The goals of treatment of neuromuscular scoliosis are to achieve a balanced spine and level pelvis with most constructs including pelvic fixation. However, the pelvis can become a stiff “end vertebra” that prevents compensatory mechanisms to adjust to hip deformities in this patient population. The purpose of this study is to determine the frequency of hip pathology and surgery after spinal fusion in this patient population.

Methods:

We performed a retrospective chart and radiographic review of cerebral palsy patients who underwent posterior spinal fusion (PSF) at our institution from 2005 to 2011. We collected radiographic data of preoperative and postoperative pelvic obliquity and hip reduction status and position (up, level, down). We further evaluated patients requiring hip surgery (containment or salvage).

Results:

Of 47 patients with an average follow-up of 3.5 years after spinal fusion, 21 (45%) underwent a hip procedure. Thirty-eight patients (81%) demonstrated or developed hip subluxation/dislocation. Hip pathology occurred more often in the up hip, but the pathologic down hip more often underwent a hip surgery. Eight new hip subluxation/dislocations occurred after spine surgery. Three (38%) of the new postoperative subluxation/dislocations required hip surgery; all had pelvic obliquity <6 degrees. Eleven patients underwent hip surgery before PSF, 7 were varus femoral osteotomies for subluxation, whereas 5 hips required salvage. In follow-up after PSF, none of these had a new dislocation.
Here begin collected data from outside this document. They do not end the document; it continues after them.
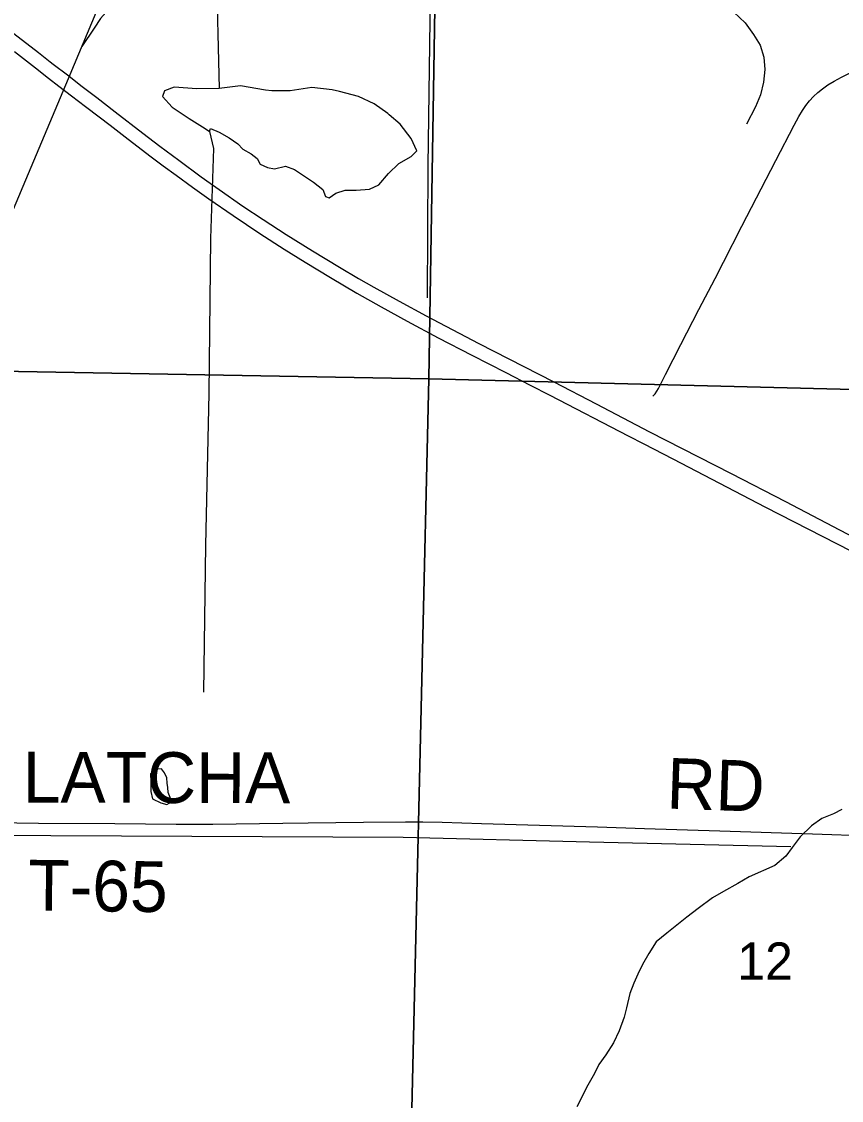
# Model space of a CAD drawing. Extents: x 0 to 34, y 0 to 22.
# Drawn here: x 7.043 to 7.962, y 16.1 to 17.308 of the extents above; entities that cross this region are included whole.
import ezdxf

# ---------------------------------------------------------------- set-up
doc = ezdxf.new("R2010")
doc.units = 0
for name, color, linetype in [('GM_X_Corporation', 7, 'Continuous'), ('GM_X_Interstate_Route', 7, 'Continuous'), ('GM_X_Minor_Lake', 7, 'Continuous'), ('GM_X_Minor_River', 7, 'Continuous'), ('GM_X_Rail_Line', 7, 'Continuous'), ('GM_X_Section_Text', 7, 'Continuous'), ('GM_X_Township_Road', 7, 'Continuous'), ('GM_X_Township_Road_Text', 7, 'Continuous')]:
    doc.layers.add(name, color=color, linetype=linetype)

msp = doc.modelspace()

# ---------------------------------------------------------------- linework, layer by layer
at = {"layer": 'GM_X_Corporation'}
for points in [[(6.497, 17.8754), (7.515, 17.8763), (7.4991, 16.9078), (6.4745, 16.9262)], [(7.515, 17.8763), (8.5579, 17.8652), (8.5553, 17.7758), (8.5049, 17.4227), (8.4956, 16.8828), (7.4991, 16.9078)], [(6.4745, 16.9262), (7.4991, 16.9078), (7.4758, 15.8976), (6.4581, 15.916)], [(7.4991, 16.9078), (8.4956, 16.8828), (8.4859, 16.4125), (8.4788, 15.8782), (7.4758, 15.8976)]]:
    msp.add_lwpolyline(points, close=True, dxfattribs=at)
at = {"layer": 'GM_X_Interstate_Route'}
for points in [[(7.0291, 17.2985), (7.0616, 17.2735), (7.0749, 17.2632), (7.0783, 17.2605), (7.0941, 17.2484), (7.1108, 17.2355), (7.1271, 17.223), (7.1478, 17.2071), (7.1788, 17.1831), (7.1976, 17.1687), (7.219, 17.1527), (7.244, 17.1343), (7.2643, 17.1199), (7.2909, 17.1015), (7.3137, 17.0863), (7.3393, 17.0698), (7.3688, 17.0513), (7.3991, 17.033), (7.4206, 17.0203), (7.4378, 17.0105), (7.4661, 16.9948), (7.4963, 16.9786), (7.5552, 16.9477), (7.6394, 16.9047), (7.6868, 16.88), (7.7468, 16.8486), (7.8382, 16.8019), (7.8989, 16.7704), (7.9596, 16.7389), (8.0078, 16.7138)], [(7.0347, 17.2746), (7.045, 17.2666), (7.0582, 17.2563), (7.073, 17.2448), (7.0847, 17.2357), (7.0986, 17.2251), (7.1144, 17.2131), (7.1297, 17.2014), (7.1421, 17.1919), (7.1588, 17.179), (7.1865, 17.1579), (7.2014, 17.1467), (7.2159, 17.1359), (7.2345, 17.1225), (7.2528, 17.1095), (7.2799, 17.0909), (7.3098, 17.0708), (7.337, 17.0532), (7.3607, 17.0385), (7.3889, 17.0214), (7.4184, 17.0041), (7.4459, 16.9885), (7.4748, 16.9726), (7.5099, 16.9539), (7.5474, 16.9344), (7.5856, 16.9149), (7.6127, 16.901), (7.6349, 16.8896), (7.7226, 16.8442), (7.7403, 16.835), (7.7729, 16.8182), (7.8766, 16.7643), (7.9724, 16.7153)]]:
    msp.add_lwpolyline(points, dxfattribs=at)
at = {"layer": 'GM_X_Minor_Lake'}
for p, q in [((7.4203, 17.2242), (7.3993, 17.2297)), ((7.2067, 16.4502), (7.206, 16.4552))]:
    msp.add_line(p, q, dxfattribs=at)
for points in [[(7.3993, 17.2297), (7.391, 17.2317), (7.3683, 17.2343), (7.3437, 17.2304), (7.3233, 17.2307), (7.3162, 17.2312), (7.2883, 17.2361), (7.2644, 17.233), (7.2391, 17.2329), (7.2138, 17.2347), (7.2028, 17.2307), (7.2009, 17.2243), (7.2117, 17.2124), (7.2308, 17.1996), (7.2484, 17.1884), (7.2536, 17.1849), (7.2544, 17.1883), (7.2642, 17.1844), (7.2754, 17.1778), (7.2852, 17.1712), (7.2908, 17.1651), (7.3001, 17.16), (7.3069, 17.1546), (7.3102, 17.1485), (7.3185, 17.1446), (7.3264, 17.143), (7.3385, 17.1462), (7.3486, 17.1423), (7.3599, 17.135), (7.37, 17.1284), (7.3805, 17.1199), (7.3834, 17.1123), (7.3875, 17.1107), (7.3952, 17.1159), (7.4054, 17.1192), (7.4179, 17.1194), (7.4326, 17.1204), (7.4432, 17.1252), (7.454, 17.1379), (7.4658, 17.1492), (7.4795, 17.157), (7.4857, 17.1634), (7.4794, 17.1771), (7.4672, 17.1932), (7.4548, 17.2036), (7.4533, 17.2051), (7.438, 17.216), (7.4203, 17.2242)], [(7.206, 16.4552), (7.2057, 16.4609), (7.2031, 16.4666), (7.1998, 16.4712), (7.193, 16.4709), (7.1873, 16.4657), (7.1875, 16.4566), (7.1878, 16.4459), (7.1896, 16.4375), (7.1989, 16.4329), (7.2057, 16.4313), (7.2107, 16.4342), (7.2092, 16.4392), (7.207, 16.4445), (7.2067, 16.4502)]]:
    msp.add_lwpolyline(points, dxfattribs=at)
at = {"layer": 'GM_X_Minor_River'}
for points in [[(7.3401, 17.8018), (7.2957, 17.6934), (7.2633, 17.6167), (7.2611, 17.4976), (7.2609, 17.3708), (7.2644, 17.233)], [(7.5003, 17.7732), (7.5029, 17.5648), (7.5011, 17.3644), (7.4983, 17.1465), (7.4975, 16.9988)], [(7.2536, 17.1849), (7.2579, 17.1659), (7.2547, 17.0653), (7.2525, 16.8915), (7.2488, 16.7215), (7.2466, 16.5571)], [(7.9623, 16.4255), (7.9528, 16.4207), (7.9399, 16.4156), (7.9281, 16.4074), (7.9155, 16.395), (7.9066, 16.383), (7.8993, 16.3732), (7.8871, 16.3627), (7.8582, 16.3502), (7.8457, 16.3427), (7.8297, 16.3338), (7.8171, 16.3268), (7.8011, 16.3148), (7.7885, 16.3051), (7.7755, 16.2947)], [(7.9051, 16.3837), (7.6793, 16.3889), (7.4704, 16.3942), (6.9963, 16.3963)], [(7.7755, 16.2947), (7.766, 16.2872), (7.7541, 16.2775), (7.7457, 16.2643), (7.7387, 16.2519), (7.7336, 16.2413), (7.729, 16.2311), (7.7247, 16.2194), (7.7207, 16.2035), (7.7183, 16.1929), (7.7128, 16.1778), (7.7062, 16.1642), (7.6977, 16.1507), (7.69, 16.1401), (7.685, 16.1299), (7.6776, 16.1167), (7.6652, 16.0926)]]:
    msp.add_lwpolyline(points, dxfattribs=at)
at = {"layer": 'GM_X_Rail_Line'}
for points in [[(5.7724, 14.1), (5.9023, 14.4065), (6.108, 14.9012), (7.0925, 17.2371), (7.3462, 17.8422), (7.5826, 18.397), (7.8741, 19.1084), (7.9022, 19.1708), (7.9338, 19.2375), (7.9584, 19.2815), (7.9927, 19.3184), (8.0524, 19.3602), (8.3458, 19.5368)], [(7.3155, 17.7352), (7.3107, 17.7171), (7.2444, 17.5558), (7.1962, 17.4406), (7.1664, 17.3679), (7.1531, 17.3388), (7.1402, 17.3215), (7.1312, 17.3115), (7.1243, 17.3008), (7.1105, 17.2801)], [(7.6821, 17.4033), (7.7005, 17.3921), (7.8289, 17.3255), (7.8411, 17.3186), (7.8539, 17.3068), (7.8633, 17.2938), (7.8706, 17.2817), (7.8748, 17.2684), (7.8758, 17.2543), (7.8744, 17.2402), (7.8712, 17.2261), (7.8655, 17.2127), (7.8554, 17.1931)]]:
    msp.add_lwpolyline(points, dxfattribs=at)
at = {"layer": 'GM_X_Township_Road'}
for points in [[(7.7503, 16.8884), (7.7529, 16.8912), (7.7548, 16.894), (7.7567, 16.8973), (7.7644, 16.9127), (7.7819, 16.9464), (7.8021, 16.9856), (7.8201, 17.0204), (7.8294, 17.0387), (7.8501, 17.079), (7.8882, 17.1524), (7.9086, 17.1922), (7.9139, 17.2019), (7.918, 17.2087), (7.9218, 17.2142), (7.926, 17.2193), (7.9305, 17.2242), (7.9353, 17.2287), (7.9404, 17.2329), (7.9464, 17.2371), (7.9537, 17.2415), (7.9617, 17.2457), (7.9813, 17.2557)], [(6.9807, 16.4115), (6.9883, 16.4114), (7.0616, 16.4104), (7.1474, 16.4098), (7.2161, 16.4092), (7.2571, 16.4093), (7.3355, 16.4101), (7.3641, 16.4105), (7.4261, 16.4113), (7.4732, 16.4118), (7.4925, 16.4118), (7.5142, 16.4114), (7.5583, 16.4099), (7.6882, 16.4061), (7.741, 16.4042), (7.8256, 16.4018), (7.9293, 16.3982), (7.9939, 16.3959), (7.9972, 16.3958)]]:
    msp.add_lwpolyline(points, dxfattribs=at)

# ---------------------------------------------------------------- texts
at = {"layer": 'GM_X_Section_Text'}
msp.add_text('12', height=0.04186, rotation=0, dxfattribs=at).set_placement((7.845, 16.2348))
at = {"layer": 'GM_X_Township_Road_Text'}
for s, rotation, p in [('LATCHA', 359.8371, (7.0441, 16.4334)), ('RD', 358.0247, (7.7651, 16.4267)), ('T-65', 359.2896, (7.05, 16.3125))]:
    msp.add_text(s, height=0.05682, rotation=rotation, dxfattribs=at).set_placement(p)

doc.saveas('drawing.dxf')

Ten patients required hip surgery after PSF at a mean of 1.6 years after PSF. Eight patients had a salvage procedure for painful hip and 2 varus femoral osteotomies for subluxations.

Conclusions:

In our cerebral palsy patients who underwent PSF, 45% of these patients required a hip procedure. In the patients who had containment before PSF, the hips maintained reduction after spinal fixation. After correction of pelvic obliquity, 17% of patients had new-onset hip subluxation/dislocation after PSF. Postoperative subluxation/dislocation was not dependent on whether the hip was up or down preoperatively.

Level of Evidence:

IV, Retrospective.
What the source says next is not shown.